523 The intra-adrenal islet transplantation model. Convergence of pancreatic islets with endocrine “helper cells”.
Tuesday November 17, 2015 from 15:30 to 17:00
Plenary Room 1

Undine Schubert, Germany

Dept. of Internal Medicine III

University Hospital Carl Gustav Carus at the Technische Universität Dresden, Germany


The intra-adrenal islet transplantation model. Convergence of pancreatic islets with endocrine “helper cells”.

Undine Schubert1, Henning Morawietz1, Stefan R. Bornstein1, Barbara Ludwig1.

1Dept. of Internal Medicine III, University Hospital Carl Gustav Carus at the Technische Universität Dresden, Dresden, Germany

A major limiting factor for long-term survival and function of islet transplants is in regard to the inappropriate microenvironment after intraportal transplantation. We aim to evaluate the microenvironment of the adrenal as a potentially beneficial transplantation site that promotes beta cell engraftment, survival, proliferation and long-term function as the adrenal offers extensive vascularization, anti-apoptotic and pro-proliferative effects of various signaling molecules and a local anti-inflammatory and immunosuppressive microenvironment.

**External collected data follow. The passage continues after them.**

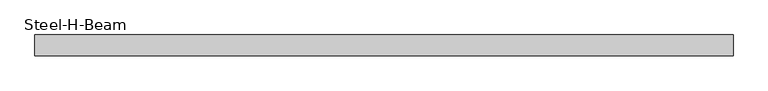
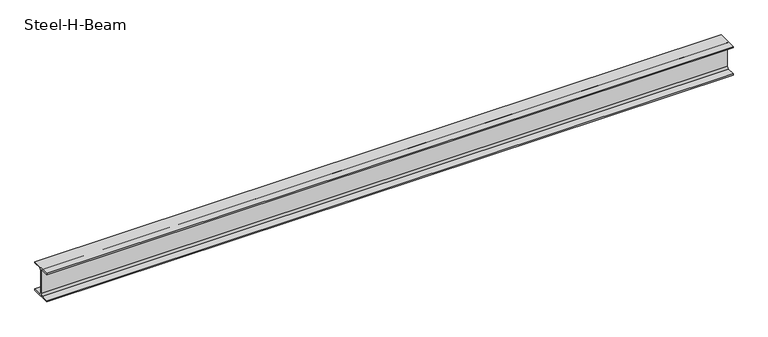
"""IFC4 building model written with IfcOpenShell, lengths in millimetres: beam geometry, Steel-H-Beam : BM121_H-294×200x8x12."""

import ifcopenshell
import ifcopenshell.guid

model = None  # the IFC model being written
_history = None  # IfcOwnerHistory: only IFC2X3 demands one
_inside = {}  # id of a spatial element -> (the spatial element, [elements in it])
_under = {}  # id of a project, library or spatial element -> (it, [spatial elements below it])
_declared = {}  # id of a project -> (the project, [libraries it declares])
_typed = {}  # id of a type object -> (the type object, [elements of that type])
_made_of = {}  # id of a material, layer set ... -> (it, [elements and type objects made of it])


def new_model(schema):
    """Start an empty IFC model of exactly this schema.

    Asked for "IFC4X3", IfcOpenShell would pick the latest addendum, in which some entities
    have other attributes; the version numbers below select the first issue.
    IFC2X3 requires an IfcOwnerHistory on every rooted entity: one is made here for all.
    """
    global model, _history
    if schema == "IFC4X3":
        model = ifcopenshell.file(schema_version=(4, 3, 0, 0))
    else:
        model = ifcopenshell.file(schema=schema)
    _inside.clear()
    _under.clear()
    _declared.clear()
    _typed.clear()
    _made_of.clear()
    _history = None
    if model.schema == "IFC2X3":
        org = make("IfcOrganization", Name="unknown")
        user = make(
            "IfcPersonAndOrganization",
            ThePerson=make("IfcPerson", FamilyName="unknown"),
            TheOrganization=org,
        )
        app = make(
            "IfcApplication",
            ApplicationDeveloper=org,
            Version="unknown",
            ApplicationFullName="unknown",
            ApplicationIdentifier="unknown",
        )
        _history = make(
            "IfcOwnerHistory",
            OwningUser=user,
            OwningApplication=app,
            ChangeAction="ADDED",
            CreationDate=0,
        )
    return model


def make(cls, **values):
    """One entity of the class cls with the attributes given. An attribute that is None is left unset."""
    return model.create_entity(
        cls, **{name: value for name, value in values.items() if value is not None}
    )


def rooted(cls, **values):
    """An entity with a GlobalId (a new one), such as an element, a storey or a relation."""
    return make(cls, GlobalId=ifcopenshell.guid.new(), OwnerHistory=_history, **values)


def si_unit(unit_type, name, prefix=None):
    """IfcSIUnit, for example si_unit("LENGTHUNIT", "METRE", prefix="MILLI")."""
    return make("IfcSIUnit", UnitType=unit_type, Prefix=prefix, Name=name)


def assignment(units):
    """IfcUnitAssignment: the units of a project."""
    return None if units is None else make("IfcUnitAssignment", Units=units)


def point(xyz):
    """IfcCartesianPoint."""
    return None if xyz is None else make("IfcCartesianPoint", Coordinates=xyz)


def direction(xyz):
    """IfcDirection."""
    return None if xyz is None else make("IfcDirection", DirectionRatios=xyz)


def frame(location, z_axis=None, x_axis=None):
    """IfcAxis2Placement3D, a coordinate frame: its origin and axes. An axis left out is left unset."""
    return make(
        "IfcAxis2Placement3D",
        Location=point(location),
        Axis=direction(z_axis),
        RefDirection=direction(x_axis),
    )


def frame_2d(location, x_axis=None):
    """IfcAxis2Placement2D, a coordinate frame in the plane: its origin and x axis."""
    return make(
        "IfcAxis2Placement2D", Location=point(location), RefDirection=direction(x_axis)
    )


def origin():
    """The frame at (0, 0, 0) with its axes left unset."""
    return frame((0.0, 0.0, 0.0))


def place(relative_to, where):
    """IfcLocalPlacement: puts the frame where relative to a parent placement (None: the world)."""
    return make(
        "IfcLocalPlacement", PlacementRelTo=relative_to, RelativePlacement=where
    )


def context(
    kind, dimensions, precision=None, world=None, true_north=None, identifier=None
):
    """IfcGeometricRepresentationContext, for example the 3D "Model" context."""
    return make(
        "IfcGeometricRepresentationContext",
        ContextIdentifier=identifier,
        ContextType=kind,
        CoordinateSpaceDimension=dimensions,
        Precision=precision,
        WorldCoordinateSystem=world,
        TrueNorth=true_north,
    )


def project(units=None, contexts=None):
    """IfcProject with its units and contexts."""
    return rooted(
        "IfcProject",
        Name="project",
        RepresentationContexts=contexts,
        UnitsInContext=assignment(units),
    )


def spatial(cls, under=None, at=None, **own):
    """A site, building, storey or space (cls), placed at a placement, below another one or the project."""
    s = rooted(cls, ObjectPlacement=at, **own)
    if under is not None:
        _under.setdefault(under.id(), (under, []))[1].append(s)
    return s


def polyline(points):
    """IfcPolyline through the points."""
    return make("IfcPolyline", Points=[point(p) for p in points])


def circle_curve(where, radius):
    """IfcCircle in the frame where."""
    return make("IfcCircle", Position=where, Radius=radius)


def trimmed(basis, trim1, trim2, sense, master):
    """IfcTrimmedCurve: the piece of a basis curve between two trims."""
    return make(
        "IfcTrimmedCurve",
        BasisCurve=basis,
        Trim1=trim1,
        Trim2=trim2,
        SenseAgreement=sense,
        MasterRepresentation=master,
    )


def segment(curve, same_sense, transition):
    """IfcCompositeCurveSegment."""
    return make(
        "IfcCompositeCurveSegment",
        Transition=transition,
        SameSense=same_sense,
        ParentCurve=curve,
    )


def composite_curve(segments, self_intersect=None):
    """IfcCompositeCurve: segments joined end to end."""
    return make("IfcCompositeCurve", Segments=segments, SelfIntersect=self_intersect)


def outline(outer, holes=None, kind="AREA"):
    """IfcArbitraryClosedProfileDef: a profile drawn as a closed curve; with holes, ...WithVoids."""
    if holes is None:
        return make("IfcArbitraryClosedProfileDef", ProfileType=kind, OuterCurve=outer)
    return make(
        "IfcArbitraryProfileDefWithVoids",
        ProfileType=kind,
        OuterCurve=outer,
        InnerCurves=holes,
    )


def extrude(swept, where, along, depth):
    """IfcExtrudedAreaSolid: the profile swept, set in the frame where, extruded along a direction by depth."""
    return make(
        "IfcExtrudedAreaSolid",
        SweptArea=swept,
        Position=where,
        ExtrudedDirection=direction(along),
        Depth=depth,
    )


def shape(context_of_items, identifier, shape_type, items):
    """IfcShapeRepresentation: the items that make up one representation, for example the "Body"."""
    return make(
        "IfcShapeRepresentation",
        ContextOfItems=context_of_items,
        RepresentationIdentifier=identifier,
        RepresentationType=shape_type,
        Items=items,
    )


def source(mapping_origin, context_of_items, identifier, shape_type, items):
    """IfcRepresentationMap: a shape defined once, which mapped items show again and again."""
    return make(
        "IfcRepresentationMap",
        MappingOrigin=mapping_origin,
        MappedRepresentation=shape(context_of_items, identifier, shape_type, items),
    )


def transform(
    local_origin,
    x_axis=None,
    y_axis=None,
    z_axis=None,
    scale=None,
    scale2=None,
    scale3=None,
    uniform=True,
):
    """IfcCartesianTransformationOperator3D, or its non-uniform kind. x_axis, y_axis, z_axis: its Axis1, 2, 3."""
    if uniform:
        return make(
            "IfcCartesianTransformationOperator3D",
            Axis1=direction(x_axis),
            Axis2=direction(y_axis),
            LocalOrigin=point(local_origin),
            Scale=scale,
            Axis3=direction(z_axis),
        )
    return make(
        "IfcCartesianTransformationOperator3DnonUniform",
        Axis1=direction(x_axis),
        Axis2=direction(y_axis),
        LocalOrigin=point(local_origin),
        Scale=scale,
        Axis3=direction(z_axis),
        Scale2=scale2,
        Scale3=scale3,
    )


def mapped(mapping_source, mapping_target):
    """IfcMappedItem: shows the shape of a source again, moved by a transform."""
    return make(
        "IfcMappedItem", MappingSource=mapping_source, MappingTarget=mapping_target
    )


def made_of(thing, what):
    """Note that an element or type object is made of a material, layer set ...; save() writes the relation."""
    if what is not None:
        _made_of.setdefault(what.id(), (what, []))[1].append(thing)
    return thing


def element(
    cls,
    number,
    at=None,
    inside=None,
    cuts=None,
    type_object=None,
    material=None,
    context=None,
    identifier="Body",
    shape_type=None,
    held_by="IfcProductDefinitionShape",
    body=None,
    shapes=None,
    **own,
):
    """One element of the class cls, such as IfcWall. Its Tag is "e" and its number.

    at: its placement. inside: the storey or other place that contains it. cuts: it is an
    opening in that element (IfcRelVoidsElement). A single representation is given by context,
    identifier, shape_type and body (its items); several are given by shapes. held_by: the class
    of the entity that holds the representations. save() writes the other relations.
    """
    e = rooted(cls, Tag="e%d" % number, ObjectPlacement=at, **own)
    if body is not None:
        shapes = [shape(context, identifier, shape_type, body)]
    if shapes is not None:
        e.Representation = make(held_by, Representations=shapes)
    if inside is not None:
        _inside.setdefault(inside.id(), (inside, []))[1].append(e)
    if cuts is not None:
        rooted(
            "IfcRelVoidsElement", RelatingBuildingElement=cuts, RelatedOpeningElement=e
        )
    if type_object is not None:
        _typed.setdefault(type_object.id(), (type_object, []))[1].append(e)
    return made_of(e, material)


def aggregate(whole, parts):
    """IfcRelAggregates: a whole, such as a stair, and the parts it consists of."""
    return rooted("IfcRelAggregates", RelatingObject=whole, RelatedObjects=parts)


def save(model, path):
    """Write the relations noted so far, then the file.

    IfcRelAggregates (storeys below a building ...), IfcRelContainedInSpatialStructure (elements
    in a storey), IfcRelDefinesByType, IfcRelAssociatesMaterial and IfcRelDeclares: one each for
    every whole, place, type object, material and project.
    """
    for whole, parts in _under.values():
        aggregate(whole, parts)
    for where, things in _inside.values():
        rooted(
            "IfcRelContainedInSpatialStructure",
            RelatedElements=things,
            RelatingStructure=where,
        )
    for kind, things in _typed.values():
        rooted("IfcRelDefinesByType", RelatedObjects=things, RelatingType=kind)
    for what, things in _made_of.values():
        rooted("IfcRelAssociatesMaterial", RelatedObjects=things, RelatingMaterial=what)
    for by, libraries in _declared.values():
        rooted("IfcRelDeclares", RelatingContext=by, RelatedDefinitions=libraries)
    model.write(path)


def steel_h_beam_f4173fa8(model_context):
    return source(origin(), model_context, "Body", "SweptSolid", [
        extrude(outline(composite_curve([segment(polyline([(100.0, -135.0), (100.0, -147.0), (-100.0, -147.0), (-100.0, -135.0), (-22.0, -135.0)]), True, "CONTINUOUS"), segment(trimmed(circle_curve(frame_2d((-22.0, -117.0)), 18.0), [point((-22.0, -135.0))], [point((-4.0, -117.0))], True, "CARTESIAN"), True, "CONTINUOUS"), segment(polyline([(-4.0, -117.0), (-4.0, 117.0)]), True, "CONTINUOUS"), segment(trimmed(circle_curve(frame_2d((-22.0, 117.0)), 18.0), [point((-4.0, 117.0))], [point((-22.0, 135.0))], True, "CARTESIAN"), True, "CONTINUOUS"), segment(polyline([(-22.0, 135.0), (-100.0, 135.0), (-100.0, 147.0), (100.0, 147.0), (100.0, 135.0), (22.0, 135.0)]), True, "CONTINUOUS"), segment(trimmed(circle_curve(frame_2d((22.0, 117.0)), 18.0), [point((22.0, 135.0))], [point((4.0, 117.0))], True, "CARTESIAN"), True, "CONTINUOUS"), segment(polyline([(4.0, 117.0), (4.0, -117.0)]), True, "CONTINUOUS"), segment(trimmed(circle_curve(frame_2d((22.0, -117.0)), 18.0), [point((4.0, -117.0))], [point((22.0, -135.0))], True, "CARTESIAN"), True, "CONTINUOUS"), segment(polyline([(22.0, -135.0), (100.0, -135.0)]), True, "CONTINUOUS")], self_intersect=False)), frame((-3361.3486745, 0.0, 0.0), z_axis=(1.0, 0.0, 0.0), x_axis=(0.0, 1.0, 0.0)), (0.0, 0.0, 1.0), 6724.6),
    ])


if __name__ == "__main__":
    model = new_model("IFC4")
    model_context = context("Model", 3, world=origin())
    ifc_project = project(units=[si_unit("LENGTHUNIT", "METRE", prefix="MILLI")], contexts=[model_context])
    site = spatial("IfcSite", under=ifc_project)
    building = spatial("IfcBuilding", under=site)
    placement = place(None, origin())
    steel_h_beam_shape = steel_h_beam_f4173fa8(model_context)
    element("IfcBeam", 1, ObjectType="Steel-H-Beam : BM121_H-294×200x8x12", at=placement, inside=building, context=model_context, shape_type="MappedRepresentation", body=[
        mapped(steel_h_beam_shape, transform((0.0, 0.0, 0.0), x_axis=(1.0, 0.0, 0.0), y_axis=(0.0, 1.0, 0.0), z_axis=(0.0, 0.0, 1.0))),
    ])
    save(model, "model.ifc")

# Revit data of these elements
# Type "Steel-H-Beam : BM121_H-294×200x8x12"
#   Surface Area = 1.3411 m²/m
#   Section Area = 72.3812 cm²
#   Mass per Unit Length = 56.8193 kg/m
#   Length [instance default] = 3000 mm
#   B = 200 mm
#   H = 294 mm
#   r = 18 mm
#   tw = 8 mm
#   tf = 12 mm
#   hec_material4 [instance default] = none
#   hec_material3 [instance default] = none
#   hec_material2 [instance default] = none
#   hec_material1 [instance default] = none
#   Structural Material [instance default] = Steel, 45-345
#   Assembly Code = ""
# Element 1 (IfcBeam, "Steel-H-Beam : BM121_H-294×200x8x12")
#   hec_material3 = F01AC000-00002_Building/Shelter Fire Proofing Work_Intumescent Coating Type_1 hr. rating (UL 1709))
#   hec_material2 = S01AA010-00002_Main Steel Structure Fabrication Work_Shelter/Building_Steel Painting/Coating_for Fireproofed Steel Surface, Surface Preparation & Primer Coat
#   hec_material1 = S03AA028-00001_Main Steel Structure Erection Work_Shelter/Building_Medium Steel
#   Structural Material = S01AA002-00001_Main Steel Structure Fabrication Work_Shelter/Building_Medium Steel - Standard
#   Materials on its faces: "S01AA002-00001_Main Steel Structure Fabrication Work_Shelter/Building_Medium Steel - Standard"
# Materials
#   "Steel, 45-345": class "Metal", colour RGB 189 187 185, transparency 0, Description = "Steel 345 MPa", Cost = 0
#   "S01AA002-00001_Main Steel Structure Fabrication Work_Shelter/Building_Medium Steel - Standard": class "Metal", colour RGB 120 120 120, transparency 0, Comments = "(90KG/M>Weight≥30KG/M)", Description = "Structural steel 50ksi", W00) Work Master Code = "S01AA002-0001", W01) Work Master_Lv1 = "Main Steel Structure Fabrication Work", W02) Work Master_Lv2 = "Shelter/Building", W03) Work Master_Spec.1 = "Medium Steel - Standard (90KG/M>Weight≥30KG/M)", Cost = 0
#   "F01AC000-00002_Building/Shelter Fire Proofing Work_Intumescent Coating Type_1 hr. rating (UL 1709))": class "Metal", colour RGB 255 128 128, transparency 0, Description = "Paint finished steel", W00) Work Master Code = "F01AC000-00002", W01) Work Master_Lv1 = "Building/Shelter Fire Proofing Work", W02) Work Master_Lv2 = "Intumescent Coating Type", W03) Work Master_Spec.1 = "1 hr. rating (UL 1709)", Cost = 0
#   "S01AA010-00002_Main Steel Structure Fabrication Work_Shelter/Building_Steel Painting/Coating_for Fireproofed Steel Surface, Surface Preparation & Primer Coat": class "Metal", colour RGB 120 120 120, transparency 0, Description = "Paint finished steel", W00) Work Master Code = "SS01AA010-00002", W01) Work Master_Lv1 = "Main Steel Structure Fabrication Work", W02) Work Master_Lv2 = "Shelter/Building", W03) Work Master_Spec.1 = "Steel Painting/Coating", W04) Work Master_Spec.2 = "for Fireproofed Steel Surface, Surface Preparation & Primer Coat", Cost = 0
#   "S03AA028-00001_Main Steel Structure Erection Work_Shelter/Building_Medium Steel": class "Metal", colour RGB 120 120 120, transparency 0, Comments = "(90KG/M>Weight≥30KG/M)", Description = "Structural steel 50ksi", W00) Work Master Code = "S03AA028-0001", W01) Work Master_Lv1 = "Main Steel Structure Erection Work", W02) Work Master_Lv2 = "Shelter/Building", W03) Work Master_Spec.1 = "Medium Steel (90KG/M>Weight≥30KG/M)", Cost = 0

For in vitro analysis of islet viability, function and reactive oxygen species (ROS) a co-culture system of adrenal cells and pancreatic islets was established. Pancreatic islets and adrenal cells were isolated from Wistar rats and co-cultured using inserts for up to 7 days and sequentially assayed for viability, insulin secretion and reactive oxygen species (ROS). The co-culture setting did not significantly impact on islet viability, insulin content and secretion and there is evidence that oxidative stress is markedly reduced in the presence of adrenal cells.

For in vivo studies, Streptozotocin induced diabetic NuNu-mice were used as islet recipients. For islet transplantation, the adrenal was exteriorized via retroperitoneal incision and 300 islets were injected through the upper pole of the gland or the kidney. Animals showed a fast decrease in blood glucose levels within the first days after transplantation in both groups, at around 10 days the curves between adrenal and kidney site drifted apart in favor of the adrenal site. Regardless of the transplantation site, islets showed a well preserved morphology and intense insulin staining. The intra-adrenally engrafted islets show significantly higher vascularization compared to the kidney capsule control.

To prove our concept in a more clinically relevant system we established a large animal model. Therefore diabetic minipigs were transplanted with porcine islets into the adrenal gland and in comparison into the right liver lobe. Six weeks after transplantation c-peptide was detectible in both groups. The intra-adrenally engrafted islets show better integration into adrenal tissue and higher vascularization compared to liver control where islets stuck in the vessels. Adrenal function was not affected analyzed by ACTH-test.

The preliminary work underlined the feasibility of islet transplantation into the adrenal with first promising results on the restoration of normoglycemia. The results achieved could prove the beneficial effect of the adrenal microenvironment on islet engraftment and function in vitro and in vivo and elucidate the underlying mechanisms in regards to promoting islet revascularization and protection from oxidative stress.

These studies provide new insights into microenvironmental parameters that may benefit islet engraftment and survival. The use of “helper” cells could provide a potent supplementary factor. With adrenal cells providing both immunomodulatory and neovascularization signals, the co-transplantation with islets, e.g. within encapsulating devices, may prove to be highly beneficial.